* **Exercise**
Give back all of the data exactly as it stands, with the pictures removed.

★ ★ ★ ★

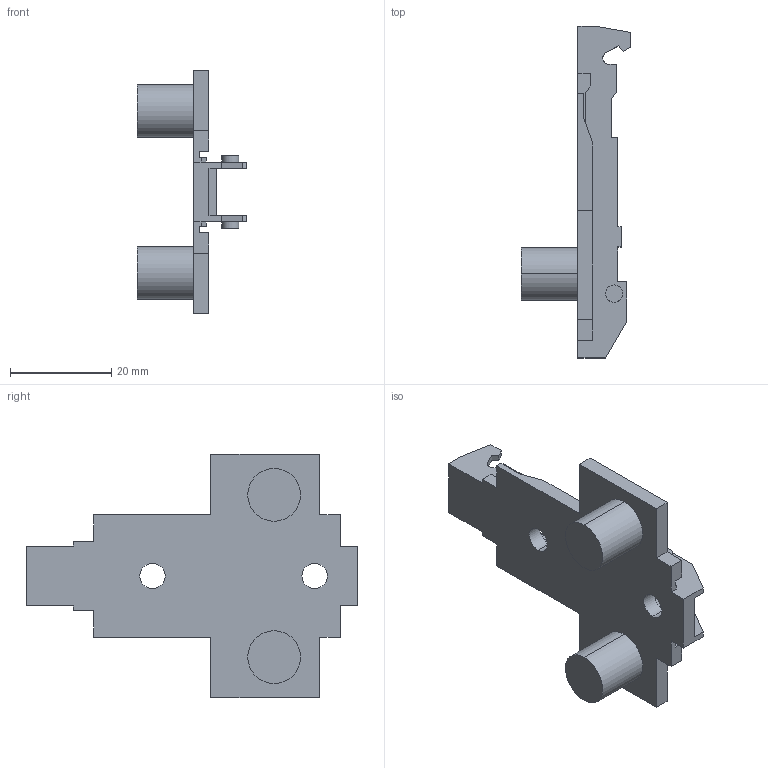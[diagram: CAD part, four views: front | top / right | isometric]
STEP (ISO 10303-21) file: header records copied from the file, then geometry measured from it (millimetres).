
FILE_DESCRIPTION (( 'STEP AP214' ), '1' );
FILE_NAME ('1D_Kreuzmontageplatte 28_32_10mm_Dübel_0.step', '2010-11-18T10:18:21', ( 'grass' ), ( '' ), 'SwSTEP 2.0', 'SolidWorks 2010', '' );
FILE_SCHEMA (( 'AUTOMOTIVE_DESIGN' ));
Length unit declared in the file: millimetre
Products named in the file (1): 1D_Kreuzmontageplatte 28_32_10mm_Dübel_0
Bounding box: 21.7 x 65.5 x 48 mm (x, y, z)
Volume: 7909 mm3; surface area: 6904.3 mm2
Topology: 1 solids, 1 shells, 112 faces, 308 edges, 204 vertices
Faces by surface type: plane 86, cylinder 22, cone 4
Entity records: 3570 total; most frequent: CARTESIAN_POINT 625, ORIENTED_EDGE 616, DIRECTION 582, EDGE_CURVE 308, VECTOR 260, LINE 260, VERTEX_POINT 204, AXIS2_PLACEMENT_3D 161
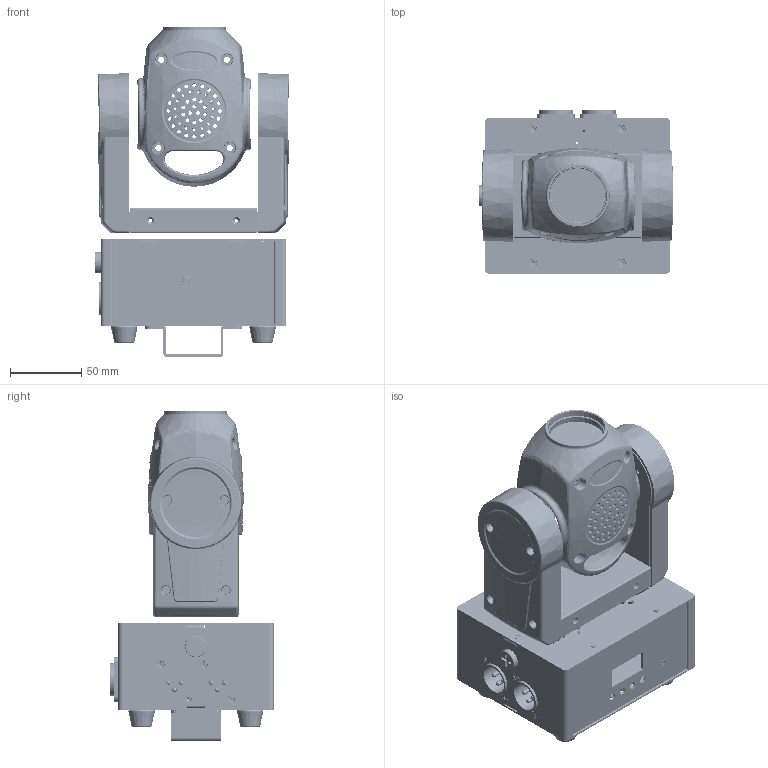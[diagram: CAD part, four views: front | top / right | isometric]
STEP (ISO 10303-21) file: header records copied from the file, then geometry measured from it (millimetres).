
FILE_DESCRIPTION((''),'2;1');
FILE_NAME('FROGGY000_ASM_ASM','2025-04-08T15:12:16',('ALY'),(''),'CREO PARAMETRIC BY PTC INC, 2022164','CREO PARAMETRIC BY PTC INC, 2022164','');
FILE_SCHEMA(('AUTOMOTIVE_DESIGN { 1 0 10303 214 1 1 1 1 }'));
Products named in the file (68): 2000_1; 0005_1; A00_1; B00_1; 00_1-115224; A0002_1; 001_1-130654_1; 001_1-130654_2; 001_1-130654_ASM; 0016_1; 001_1-147517; 15-RS_ASM_88_ASM_1_ASM; 0018_1_1; 0018_1_2; 0018_1_3; 0018_1_ASM; DMX_1_1; 0019_1_1; 0019_1_2; 0019_1_3; 0019_1_ASM; 002_1-171340; 002_1-182389_1; 002_1-182389_2; 002_1-182389_3; 002_1-182389_4; 002_1-182389_5; 002_1-182389_6; 002_1-182389_7; 002_1-182389_8; 002_1-182389_9; 002_1-182389_ASM; 002_1-191582_1; 002_1-191582_2; 002_1-191582_3; 002_1-191582_4; 002_1-191582_5; 002_1-191582_6; 002_1-191582_7; 002_1-191582_8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
Assembly tree (113 placements, depth 5):
  FROGGY000_ASM_ASM
    FROGGY000_ASM_1_ASM
      15-RS_ASM_88_ASM_1_ASM
        2000_1
        0005_1  x2
        A00_1
        B00_1
        00_1-115224
        A0002_1
        001_1-130654_ASM
          001_1-130654_1
          001_1-130654_2
        0016_1
        001_1-147517  x2
      0018_1_ASM
        0018_1_1
        0018_1_2
        0018_1_3
      DMX_1_1  x2
      0019_1_ASM
        0019_1_1
        0019_1_2
        0019_1_3
      002_1-171340  x2
      002_1-182389_ASM
        002_1-182389_1
        002_1-182389_2
        002_1-182389_3
        002_1-182389_4
        002_1-182389_5
        002_1-182389_6
        002_1-182389_7
        002_1-182389_8
        002_1-182389_9
      002_1-191582_ASM
        002_1-191582_1
        002_1-191582_2
        002_1-191582_3
        002_1-191582_4
        002_1-191582_5
        002_1-191582_6
        002_1-191582_7
        002_1-191582_8
        002_1-191582_9
      NAC3MPA-1_4_S__1  x2
      XZY-U600001_1_ASM
      M3X4-0001_1  x30
      00_1-310169_ASM
        00_1-310169_1
        00_1-310169_2
        00_1-310169_3
        00_1-310169_4
        00_1-310169_5
        00_1-310169_6
        00_1-310169_7
        00_1-310169_8
        00_1-310169_9
        00_1-310169_10
      M3X10-0001_1  x4
      M3X4-0002_1  x4
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Bounding box: 135.96 x 114.4 x 231.5 mm (x, y, z)
Volume: 270415.4 mm3; surface area: 362529.9 mm2
Topology: 104 solids, 104 shells, 5484 faces, 14312 edges, 9198 vertices
Faces by surface type: plane 2284, cylinder 1768, cone 668, bspline 650, torus 98, sphere 16
Entity records: 168867 total; most frequent: CARTESIAN_POINT 67052, ORIENTED_EDGE 14844, DIRECTION 14336, EDGE_CURVE 7422, PRESENTATION_STYLE_ASSIGNMENT 6862, STYLED_ITEM 6862, CURVE_STYLE 6612, AXIS2_PLACEMENT_3D 5477

★ ★ ★ ★

* **Response to the task**
[diagram: CAD part, four views: front | top / right | isometric]
STEP (ISO 10303-21) file: header records copied from the file, then geometry measured from it (millimetres).
FILE_DESCRIPTION (( 'STEP AP214' ), '1' );
FILE_NAME ('1D_Kreuzmontageplatte 28_32_10mm_Dübel_0.step', '2010-11-18T10:18:21', ( 'grass' ), ( '' ), 'SwSTEP 2.0', 'SolidWorks 2010', '' );
FILE_SCHEMA (( 'AUTOMOTIVE_DESIGN' ));
Length unit declared in the file: millimetre
Products named in the file (1): 1D_Kreuzmontageplatte 28_32_10mm_Dübel_0
Bounding box: 21.7 x 65.5 x 48 mm (x, y, z)
Volume: 7909 mm3; surface area: 6904.3 mm2
Topology: 1 solids, 1 shells, 112 faces, 308 edges, 204 vertices
Faces by surface type: plane 86, cylinder 22, cone 4
Entity records: 3570 total; most frequent: CARTESIAN_POINT 625, ORIENTED_EDGE 616, DIRECTION 582, EDGE_CURVE 308, VECTOR 260, LINE 260, VERTEX_POINT 204, AXIS2_PLACEMENT_3D 161
[diagram: CAD part, four views: front | top / right | isometric]
STEP (ISO 10303-21) file: header records copied from the file, then geometry measured from it (millimetres).
FILE_DESCRIPTION((''),'2;1');
FILE_NAME('FROGGY000_ASM_ASM','2025-04-08T15:12:16',('ALY'),(''),'CREO PARAMETRIC BY PTC INC, 2022164','CREO PARAMETRIC BY PTC INC, 2022164','');
FILE_SCHEMA(('AUTOMOTIVE_DESIGN { 1 0 10303 214 1 1 1 1 }'));
Products named in the file (68): 2000_1; 0005_1; A00_1; B00_1; 00_1-115224; A0002_1; 001_1-130654_1; 001_1-130654_2; 001_1-130654_ASM; 0016_1; 001_1-147517; 15-RS_ASM_88_ASM_1_ASM; 0018_1_1; 0018_1_2; 0018_1_3; 0018_1_ASM; DMX_1_1; 0019_1_1; 0019_1_2; 0019_1_3; 0019_1_ASM; 002_1-171340; 002_1-182389_1; 002_1-182389_2; 002_1-182389_3; 002_1-182389_4; 002_1-182389_5; 002_1-182389_6; 002_1-182389_7; 002_1-182389_8; 002_1-182389_9; 002_1-182389_ASM; 002_1-191582_1; 002_1-191582_2; 002_1-191582_3; 002_1-191582_4; 002_1-191582_5; 002_1-191582_6; 002_1-191582_7; 002_1-191582_8
Assembly tree (113 placements, depth 5):
  FROGGY000_ASM_ASM
    FROGGY000_ASM_1_ASM
      15-RS_ASM_88_ASM_1_ASM
        2000_1
        0005_1  x2
        A00_1
        B00_1
        00_1-115224
        A0002_1
        001_1-130654_ASM
          001_1-130654_1
          001_1-130654_2
        0016_1
        001_1-147517  x2
      0018_1_ASM
        0018_1_1
        0018_1_2
        0018_1_3
      DMX_1_1  x2
      0019_1_ASM
        0019_1_1
        0019_1_2
        0019_1_3
      002_1-171340  x2
      002_1-182389_ASM
        002_1-182389_1
        002_1-182389_2
        002_1-182389_3
        002_1-182389_4
        002_1-182389_5
        002_1-182389_6
        002_1-182389_7
        002_1-182389_8
        002_1-182389_9
      002_1-191582_ASM
        002_1-191582_1
        002_1-191582_2
        002_1-191582_3
        002_1-191582_4
        002_1-191582_5
        002_1-191582_6
        002_1-191582_7
        002_1-191582_8
        002_1-191582_9
      NAC3MPA-1_4_S__1  x2
      XZY-U600001_1_ASM
      M3X4-0001_1  x30
      00_1-310169_ASM
        00_1-310169_1
        00_1-310169_2
        00_1-310169_3
        00_1-310169_4
        00_1-310169_5
        00_1-310169_6
        00_1-310169_7
        00_1-310169_8
        00_1-310169_9
        00_1-310169_10
      M3X10-0001_1  x4
      M3X4-0002_1  x4
Bounding box: 135.96 x 114.4 x 231.5 mm (x, y, z)
Volume: 270415.4 mm3; surface area: 362529.9 mm2
Topology: 104 solids, 104 shells, 5484 faces, 14312 edges, 9198 vertices
Faces by surface type: plane 2284, cylinder 1768, cone 668, bspline 650, torus 98, sphere 16
Entity records: 168867 total; most frequent: CARTESIAN_POINT 67052, ORIENTED_EDGE 14844, DIRECTION 14336, EDGE_CURVE 7422, PRESENTATION_STYLE_ASSIGNMENT 6862, STYLED_ITEM 6862, CURVE_STYLE 6612, AXIS2_PLACEMENT_3D 5477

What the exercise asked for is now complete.